Hand made pasta

Just for the intellectual exercise, I made pasta completely by hand this morning (well method, hand kneading, rolling pin, hand cut); it was pretty simple until I had to roll it out, then it was like trying to roll an eraser. Eventually got it thin enough, but it took a while! No doubt I will at least use my Atlas machine for the rolling out part next time.

Yes, pasta is really easy by hand until that last step of getting thin, uniform sheets. It also sounds like maybe you had a bit more gluten than you wanted if it was springing back so much.

I knead mine by hand until it springs back when you push your thumb into it, but then I let it rest for a while (generally about an hour or so) before I roll it with the machine or a pin. The rest seems to help, but I use the machine about 95% of the time for rolling.

Yeah, that’s what I ended up doing, though only for 1/2 hr. It rolled out a lot easier after the rest.

I like power tools. I make mine in a food processor. consistency of corn meal after pulsing. gather it up and let it rest in a bag for half an hour and its perfect.

It may have been difficult to roll out, but it sure was delicious for dinner tonight. Great job!

I bought my wife a very nice hand crank pasta machine but I eventually had to admit the Kitchen Aid pasta roller is pretty darn handy for quick homemade pasta.

Yup, let the dough rest in the fridge.

We have had an Atlas hand crank for 15 years or so…the C-clamp busted but otherwise its been a rock. Eventually bought a motor for it that really makes the job easier and allows the machine to be used on more surfaces (no need to clamp down)

Buying a nice heavy silicone rolling pin will save you lots of time. Good investment too.

Sent from my PC36100 using Tapatalk

What motor… did you get?

Resting is key.

That being said, I still use the Atlas machine. Best money I ever spent.

PASTA TRICKS DRY AND FRESH

Used my Atlas religiously for 10 years, but can’t get it to clamp to the new countertops. Wife got me the Kitchen Aid attachment and use it at least once a week, often more. Best attachment investment yet, closely followed by the meat grinder and ice cream attachments. Love it. -mJ

Sent from my iPhone using Tapatalk

When I think of hand made pasta, I think hand mixed, hand kneaded, hand rolled and hand cut.
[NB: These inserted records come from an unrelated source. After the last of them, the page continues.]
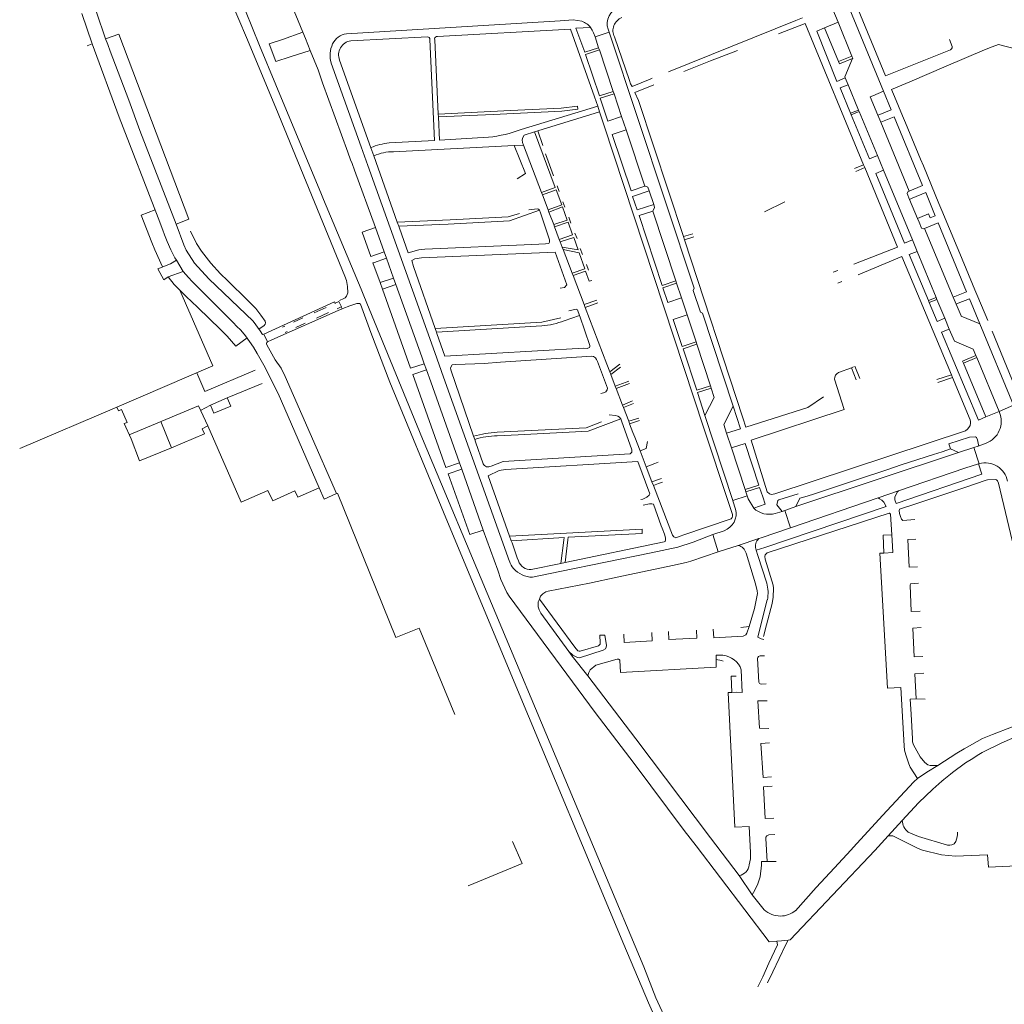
# Model space of a CAD drawing. Extents: x 145000 to 155000, y 457500 to 470000.
# Tile 50 of 196: x 147586 to 147929, y 458220 to 458563. Entities that reach past the tile are written whole.
import ezdxf

# ---------------------------------------------------------------- set-up
doc = ezdxf.new("R2010")
doc.units = 0
doc.header["$LTSCALE"] = 0.2
doc.header["$MEASUREMENT"] = 0
doc.layers.add('kant verharding', color=252, linetype='Continuous', lineweight=0)

msp = doc.modelspace()

# ---------------------------------------------------------------- linework, layer by layer
at = {"layer": 'kant verharding', "lineweight": 0}
for p, q in [((147866.84, 458586.94), (147886.97, 458538.27)), ((147887.65, 458543.63), (147871.12, 458583.74)), ((147868.88, 458567.6), (147871.08, 458562.32)), ((147607.23, 458565.41), (147610.85, 458554.82)), ((147699.55, 458558.35), (147774.12, 458562.88)), ((147774.12, 458562.88), (147778.62, 458563.15)), ((147778.62, 458563.15), (147781.72, 458562.71)), ((147856.38, 458562.92), (147811.98, 458545.1)), ((147858.71, 458563.85), (147856.38, 458562.92)), ((147871.08, 458562.32), (147866.38, 458560.4)), ((147871.08, 458562.32), (147875.95, 458550.48)), ((147684.37, 458558.86), (147677.26, 458556.38)), ((147685.22, 458556.71), (147684.37, 458558.86)), ((147731.36, 458557.35), (147777.71, 458559.95)), ((147777.71, 458559.95), (147786.07, 458536.35)), ((147784.73, 458560.52), (147779.6, 458560.25)), ((147786.28, 458557.25), (147791.17, 458558.9)), ((147790.85, 458559.88), (147791.17, 458558.9)), ((147850.26, 458558.26), (147859.62, 458561.95)), ((147859.62, 458561.95), (147880.01, 458512.62)), ((147866.38, 458560.4), (147871.27, 458548.63)), ((147615.45, 458556.53), (147620.16, 458558.15)), ((147620.16, 458558.15), (147644.58, 458493.65)), ((147686.85, 458552.52), (147685.22, 458556.71)), ((147701.06, 458555.88), (147727.84, 458557.27)), ((147731.58, 458530.29), (147730.34, 458556.18)), ((147786.28, 458557.25), (147787.55, 458553.48)), ((147798.27, 458542.07), (147793.1, 458557.21)), ((147610.85, 458554.82), (147609.05, 458554.13)), ((147679.92, 458550.25), (147686.85, 458552.52)), ((147787.55, 458553.48), (147787.8, 458552.67)), ((147787.8, 458552.67), (147792.64, 458538.2)), ((147826.59, 458548.89), (147835.98, 458552.55)), ((147910.3, 458552.67), (147887.65, 458543.63)), ((147708.07, 458518.59), (147697.17, 458549.14)), ((147817.33, 458545.22), (147826.59, 458548.89)), ((147871.27, 458548.63), (147875.95, 458550.48)), ((147704.74, 458518.83), (147694.27, 458548.13)), ((147908.77, 458547.01), (147896.16, 458541.62)), ((147805.52, 458542.51), (147799.2, 458539.97)), ((147806.21, 458542.79), (147805.52, 458542.51)), ((147874.59, 458540.55), (147873.61, 458542.95)), ((147896.16, 458541.62), (147889.77, 458538.89)), ((147792.64, 458538.2), (147792.91, 458537.43)), ((147800.15, 458537.8), (147806.84, 458540.51)), ((147874.59, 458540.55), (147878.25, 458531.71)), ((147886.97, 458538.27), (147883.17, 458536.68)), ((147889.77, 458538.89), (147890.77, 458536.46)), ((147786.07, 458536.35), (147787.22, 458533.1)), ((147792.91, 458537.43), (147795.55, 458529.48)), ((147890.77, 458536.46), (147893.58, 458529.72)), ((147787.22, 458533.1), (147760.53, 458524.93)), ((147787.83, 458531.1), (147787.22, 458533.1)), ((147875.48, 458530.64), (147878.25, 458531.71)), ((147878.25, 458531.71), (147878.46, 458531.21)), ((147731.62, 458529.33), (147731.58, 458530.29)), ((147787.83, 458531.1), (147766.28, 458524.43)), ((147789.31, 458526.6), (147787.83, 458531.1)), ((147795.55, 458529.48), (147797.12, 458524.83)), ((147875.48, 458530.64), (147875.71, 458530.08)), ((147878.46, 458531.21), (147875.71, 458530.08)), ((147878.46, 458531.21), (147884.83, 458515.87)), ((147885.72, 458530.21), (147884.96, 458529.9)), ((147884.96, 458529.9), (147885.98, 458527.45)), ((147893.58, 458529.72), (147894.58, 458527.3)), ((147797.12, 458524.83), (147803.69, 458505.14)), ((147885.98, 458527.45), (147895.95, 458503.46)), ((147894.58, 458527.3), (147899.87, 458514.6)), ((147765.19, 458524.09), (147761.53, 458522.96)), ((147766.28, 458524.43), (147765.19, 458524.09)), ((147768.06, 458519.38), (147766.28, 458524.43)), ((147707.03, 458512.41), (147704.74, 458518.83)), ((147708.07, 458518.59), (147709.13, 458515.7)), ((147758.02, 458519.35), (147716, 458517.18)), ((147758.02, 458519.35), (147761.31, 458519.52)), ((147761.31, 458519.52), (147767.59, 458503.01)), ((147701.02, 458514.36), (147700.06, 458517)), ((147701.5, 458513.06), (147701.02, 458514.36)), ((147709.13, 458515.7), (147717.29, 458492.62)), ((147771.8, 458508.72), (147769.02, 458516.49)), ((147886.95, 458510.73), (147884.83, 458515.87)), ((147899.87, 458514.6), (147900.87, 458512.2)), ((147702.33, 458510.79), (147701.5, 458513.06)), ((147709.67, 458490.69), (147702.33, 458510.79)), ((147730.36, 458447.12), (147707.03, 458512.41)), ((147880.01, 458512.62), (147876.88, 458511.3)), ((147880.4, 458511.68), (147877.28, 458510.33)), ((147880.01, 458512.62), (147880.4, 458511.68)), ((147880.4, 458511.68), (147891.87, 458483.94)), ((147897.02, 458486.39), (147886.95, 458510.73)), ((147900.87, 458512.2), (147906.3, 458499.15)), ((147773.78, 458503.27), (147773.06, 458505.23)), ((147691.6, 458500.52), (147690.87, 458502.28)), ((147704.65, 458469.22), (147691.6, 458500.52)), ((147767.59, 458503.01), (147767.92, 458502.14)), ((147767.92, 458502.14), (147769.91, 458496.9)), ((147806.75, 458498.77), (147805.19, 458503.49)), ((147896.01, 458500.57), (147896.89, 458500.93)), ((147896.01, 458500.57), (147898.8, 458493.91)), ((147775.76, 458497.86), (147775.05, 458499.74)), ((147845.4, 458496.17), (147852.5, 458499.72)), ((147906.3, 458499.15), (147907.31, 458496.72)), ((147640.08, 458491.88), (147644.58, 458493.65)), ((147767.28, 458495.83), (147766.97, 458496.76)), ((147769.91, 458496.9), (147770.2, 458496.14)), ((147770.2, 458496.14), (147771.87, 458491.75)), ((147777.86, 458492.27), (147777.14, 458494.33)), ((147814.51, 458472.11), (147806.44, 458496.48)), ((147899.62, 458494.25), (147898.8, 458493.91)), ((147907.31, 458496.72), (147912.66, 458483.85)), ((147705, 458489.12), (147709.67, 458490.69)), ((147709.67, 458490.69), (147712.69, 458482.26)), ((147717.29, 458492.62), (147717.78, 458491.23)), ((147717.78, 458491.23), (147718.05, 458490.48)), ((147718.05, 458490.48), (147721.09, 458481.86)), ((147771.87, 458491.75), (147772.16, 458490.98)), ((147772.16, 458490.98), (147773.83, 458486.6)), ((147911.25, 458466.44), (147901.28, 458490.45)), ((147636.11, 458488.19), (147635.51, 458489.8)), ((147636.11, 458488.19), (147636.97, 458485.9)), ((147708.02, 458480.66), (147705, 458489.12)), ((147780.02, 458486.88), (147779.3, 458488.81)), ((147817.18, 458487.62), (147820.41, 458488.52)), ((147817.56, 458486.47), (147817.18, 458487.62)), ((147817.56, 458486.47), (147820.74, 458487.51)), ((147764.28, 458484.86), (147766.71, 458484.97)), ((147773.83, 458486.6), (147774.17, 458485.7)), ((147774.17, 458485.7), (147774.88, 458483.84)), ((147774.88, 458483.84), (147775.19, 458483.02)), ((147781.93, 458481.31), (147781.15, 458483.36)), ((147837.89, 458424.29), (147817.56, 458486.47)), ((147891.87, 458483.94), (147876.59, 458477.96)), ((147898.65, 458482.42), (147897.02, 458486.39)), ((147912.66, 458483.85), (147913.59, 458481.63)), ((147708.02, 458480.66), (147712.69, 458482.26)), ((147712.69, 458482.26), (147713.49, 458480.03)), ((147713.49, 458480.03), (147715.97, 458473.12)), ((147775.19, 458483.02), (147778.33, 458474.76)), ((147878.05, 458474.27), (147893.37, 458480.66)), ((147893.37, 458480.66), (147910.62, 458439.37)), ((147898.65, 458482.42), (147905.34, 458466.3)), ((147913.59, 458481.63), (147918.85, 458468.98)), ((147711.28, 458471.5), (147708.81, 458478.44)), ((147783.97, 458475.9), (147783.26, 458477.86)), ((147711.28, 458471.5), (147715.97, 458473.12)), ((147715.97, 458473.12), (147716.8, 458470.83)), ((147778.33, 458474.76), (147778.63, 458473.98)), ((147778.63, 458473.98), (147782.48, 458463.86)), ((147870.98, 458475.75), (147869.35, 458475.12)), ((147712.09, 458469.22), (147711.28, 458471.5)), ((147712.09, 458469.22), (147716.8, 458470.83)), ((147716.8, 458470.83), (147725.86, 458445.57)), ((147784.28, 458471.97), (147785.21, 458472.31)), ((147814.77, 458471.33), (147814.51, 458472.11)), ((147814.77, 458471.33), (147816.47, 458466.19)), ((147870.97, 458471.31), (147872.45, 458471.93)), ((147641.41, 458468.9), (147652.9, 458442.46)), ((147705.6, 458466.94), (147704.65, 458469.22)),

There is a belief that the oils and warmth of the human hand adds to the rusticity and appeal that is real ‘hand made pasta’. Something very rewarding about eating real hand made pasta that you just can’t help but feel good about. It certainly is a labor of love. let’s face it, there is some amazing pastas available just about everywhere these day, both fresh and dried, but when you invite guests to enjoy what you have created just from the sheer love of doing it, makes it all the more special. I love my machines, ravioli plates and the like, but the real hand cut stuff is what’s best enjoyed in our home. All the unevenness and unfinished edges just scream love. Anyways, sorry to wax poetic, but I know my grandmother would be proud, had she been alive to see it. Mom is and you can’t buy that in a box…

Cheers!

it’s been a month or so since I’ve maded pasta, thanks for starting this thread.

Making some this afternoon

00 flour a must!

Francois Mauss once took me to the Michelin *** restaurant Dal Pescatore in Italy. The chef, Nadia, took me into the kitchen and showed me how they make handmade pasta. I noticed they were using an industrial size kitchen aid with the attachment (it was HUGE!) to roll the sheets. Chef Nadia emphasized how important it is to knead the dough on a wooden board to absorb the humidity in the dough.

The only mark on it is from “Imperia Trading SrL” “type Nuova Pasta Facile”

Just got my ‘third hand’.
On a day trip to Arthur Ave, I grabbed the Imperia 180 pasta machine motor.
$80

I will try it this coming weekend.

Somehow I’ve never mastered the art of integrating the egg from a well in the flour like that without having a “break in the dam” make all the egg flow out the side and make a big mess. So now I wimp out and mix it in a bowl before transferring it to the board to knead.

if you look at the photo you might be able to tell that my flour well in in a bowl.

I like to mix with a fork and knead by hand.